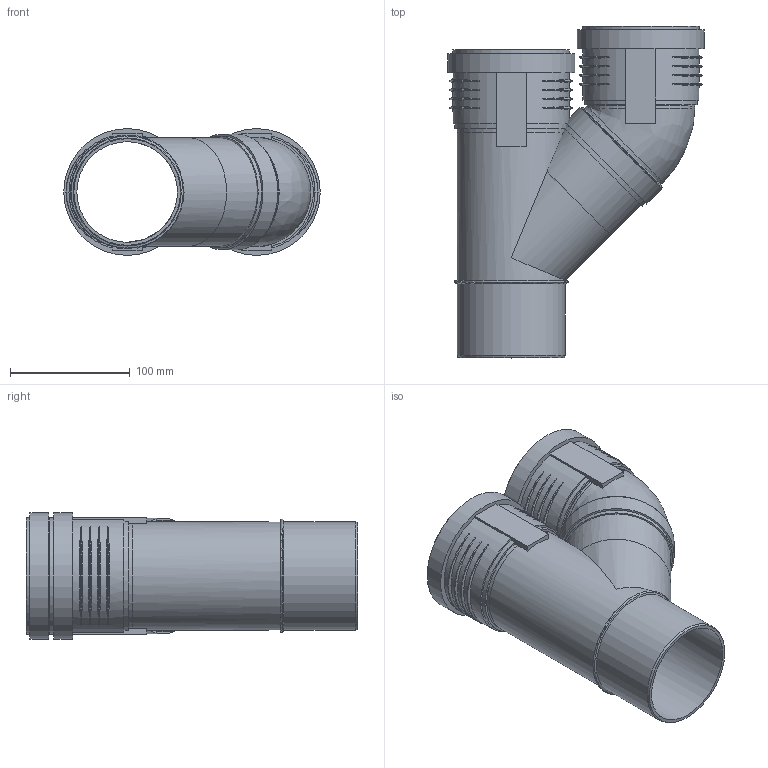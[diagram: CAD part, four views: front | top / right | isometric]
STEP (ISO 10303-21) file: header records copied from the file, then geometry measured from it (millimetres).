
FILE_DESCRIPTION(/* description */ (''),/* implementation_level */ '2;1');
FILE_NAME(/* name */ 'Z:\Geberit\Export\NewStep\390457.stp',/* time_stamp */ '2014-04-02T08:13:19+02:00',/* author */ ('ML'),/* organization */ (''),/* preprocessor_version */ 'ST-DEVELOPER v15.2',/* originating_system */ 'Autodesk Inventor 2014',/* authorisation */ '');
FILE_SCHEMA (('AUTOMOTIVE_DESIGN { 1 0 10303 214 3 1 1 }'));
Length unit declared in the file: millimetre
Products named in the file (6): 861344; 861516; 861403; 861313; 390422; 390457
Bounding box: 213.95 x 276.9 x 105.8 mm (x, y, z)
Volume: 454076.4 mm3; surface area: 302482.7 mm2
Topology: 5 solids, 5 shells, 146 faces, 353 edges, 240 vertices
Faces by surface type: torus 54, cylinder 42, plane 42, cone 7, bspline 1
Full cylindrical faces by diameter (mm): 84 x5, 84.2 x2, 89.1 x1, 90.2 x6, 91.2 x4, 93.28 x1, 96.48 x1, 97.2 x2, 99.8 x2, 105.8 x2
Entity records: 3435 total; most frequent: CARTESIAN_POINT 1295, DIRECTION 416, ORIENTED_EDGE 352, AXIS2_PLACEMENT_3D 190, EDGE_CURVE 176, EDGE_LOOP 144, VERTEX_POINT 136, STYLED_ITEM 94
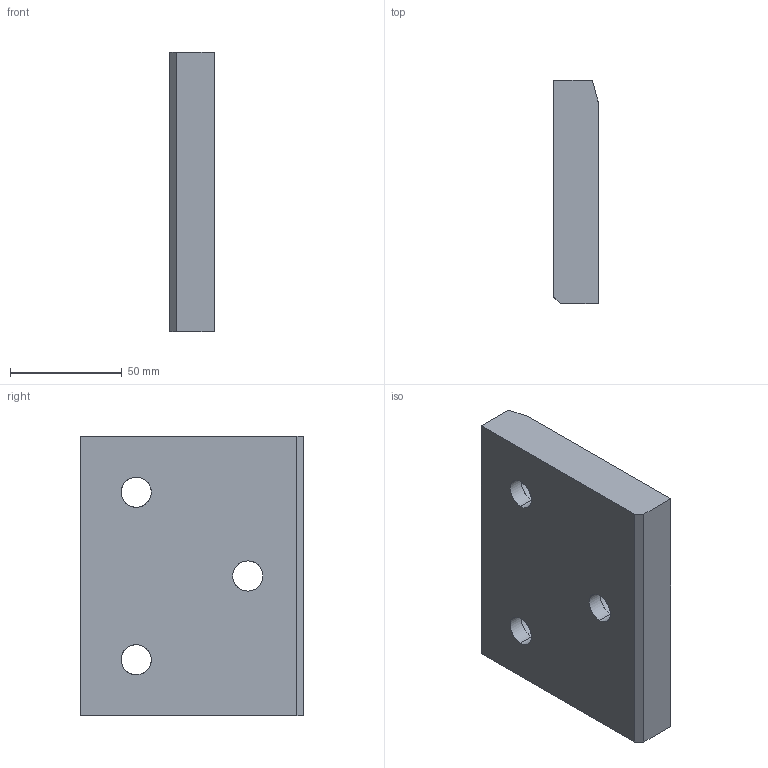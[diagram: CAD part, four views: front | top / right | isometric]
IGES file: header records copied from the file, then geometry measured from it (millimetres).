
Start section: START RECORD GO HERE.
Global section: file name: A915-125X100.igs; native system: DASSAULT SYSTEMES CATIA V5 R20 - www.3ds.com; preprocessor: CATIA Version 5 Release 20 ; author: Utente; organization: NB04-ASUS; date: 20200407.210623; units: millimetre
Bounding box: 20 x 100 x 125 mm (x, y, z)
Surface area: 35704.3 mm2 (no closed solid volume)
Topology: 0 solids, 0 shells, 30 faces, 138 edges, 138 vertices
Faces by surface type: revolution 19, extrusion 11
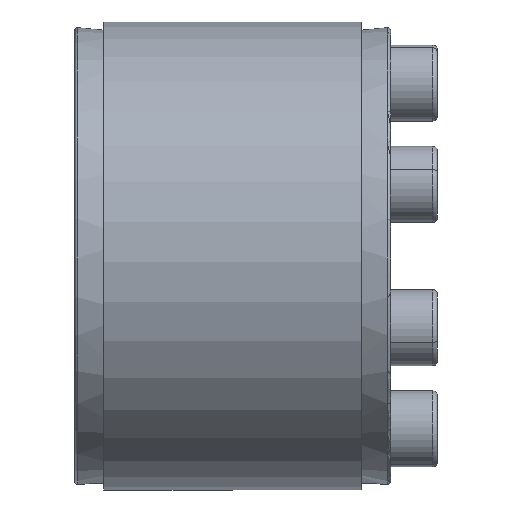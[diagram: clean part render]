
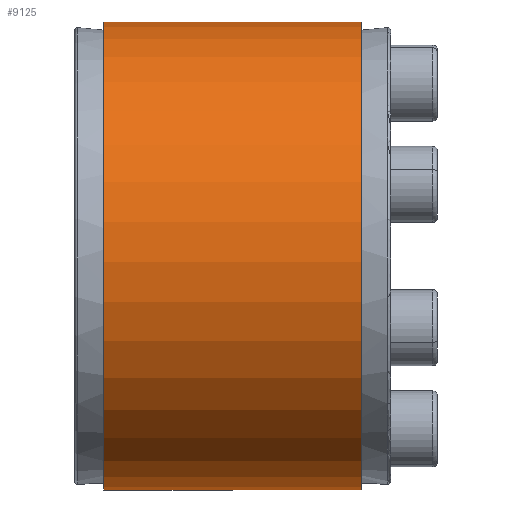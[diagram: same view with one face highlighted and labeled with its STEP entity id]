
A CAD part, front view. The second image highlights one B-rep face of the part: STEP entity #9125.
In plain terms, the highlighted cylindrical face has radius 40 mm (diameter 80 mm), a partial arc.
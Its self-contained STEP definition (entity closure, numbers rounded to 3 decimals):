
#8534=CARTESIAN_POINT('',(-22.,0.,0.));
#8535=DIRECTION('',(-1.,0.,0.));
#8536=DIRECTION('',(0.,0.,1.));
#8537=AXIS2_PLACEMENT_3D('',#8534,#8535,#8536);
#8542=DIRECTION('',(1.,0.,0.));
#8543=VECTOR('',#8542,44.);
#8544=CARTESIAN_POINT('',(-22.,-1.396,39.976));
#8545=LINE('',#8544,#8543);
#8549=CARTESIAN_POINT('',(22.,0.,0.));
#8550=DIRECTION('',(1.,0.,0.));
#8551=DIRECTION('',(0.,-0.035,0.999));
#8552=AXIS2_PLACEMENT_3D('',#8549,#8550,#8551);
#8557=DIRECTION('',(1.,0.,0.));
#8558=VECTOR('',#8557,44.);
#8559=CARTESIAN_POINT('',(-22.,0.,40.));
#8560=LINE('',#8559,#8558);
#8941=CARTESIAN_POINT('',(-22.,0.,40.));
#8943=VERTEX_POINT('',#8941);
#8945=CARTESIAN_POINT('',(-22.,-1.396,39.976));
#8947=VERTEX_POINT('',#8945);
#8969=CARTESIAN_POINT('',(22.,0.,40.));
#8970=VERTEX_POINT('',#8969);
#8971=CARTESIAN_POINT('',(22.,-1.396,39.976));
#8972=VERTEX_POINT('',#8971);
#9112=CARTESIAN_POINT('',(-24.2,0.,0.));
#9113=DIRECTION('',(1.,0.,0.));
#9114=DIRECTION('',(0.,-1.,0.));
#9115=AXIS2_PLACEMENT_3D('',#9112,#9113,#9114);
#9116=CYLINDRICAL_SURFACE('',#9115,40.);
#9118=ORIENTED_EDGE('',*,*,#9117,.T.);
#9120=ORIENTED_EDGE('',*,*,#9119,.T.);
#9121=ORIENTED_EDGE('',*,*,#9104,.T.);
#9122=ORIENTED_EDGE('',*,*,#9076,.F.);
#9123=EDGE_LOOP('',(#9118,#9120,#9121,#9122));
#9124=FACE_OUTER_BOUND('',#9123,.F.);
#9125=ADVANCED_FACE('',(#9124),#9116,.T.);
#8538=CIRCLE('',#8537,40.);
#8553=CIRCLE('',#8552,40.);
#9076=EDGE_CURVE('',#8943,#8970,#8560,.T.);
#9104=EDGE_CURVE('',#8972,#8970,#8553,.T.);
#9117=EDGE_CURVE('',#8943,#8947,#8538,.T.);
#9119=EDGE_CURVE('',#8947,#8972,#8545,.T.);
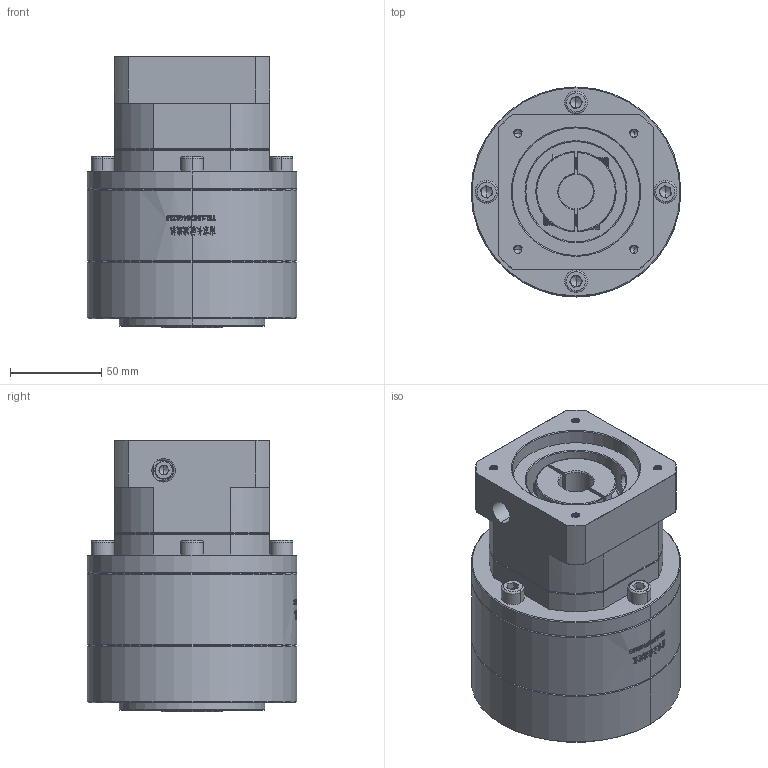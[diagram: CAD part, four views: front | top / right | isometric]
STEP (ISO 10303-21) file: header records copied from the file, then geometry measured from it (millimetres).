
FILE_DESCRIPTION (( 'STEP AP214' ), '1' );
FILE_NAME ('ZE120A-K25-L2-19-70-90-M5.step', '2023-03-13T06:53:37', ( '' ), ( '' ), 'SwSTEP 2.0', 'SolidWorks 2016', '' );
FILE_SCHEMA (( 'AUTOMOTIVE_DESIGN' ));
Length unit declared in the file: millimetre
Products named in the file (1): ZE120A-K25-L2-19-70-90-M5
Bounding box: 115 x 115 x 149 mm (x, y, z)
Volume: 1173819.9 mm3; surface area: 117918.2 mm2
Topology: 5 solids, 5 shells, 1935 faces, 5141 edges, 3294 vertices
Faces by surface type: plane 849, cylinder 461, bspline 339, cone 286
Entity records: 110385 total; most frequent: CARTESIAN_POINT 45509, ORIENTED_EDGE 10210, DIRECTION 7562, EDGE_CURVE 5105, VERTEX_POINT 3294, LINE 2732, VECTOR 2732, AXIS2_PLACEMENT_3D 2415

§

### PROBLEM
If a line above holds the word "bspline", count it; then say how many such lines there are and nothing else.

### TASK ANSWER
2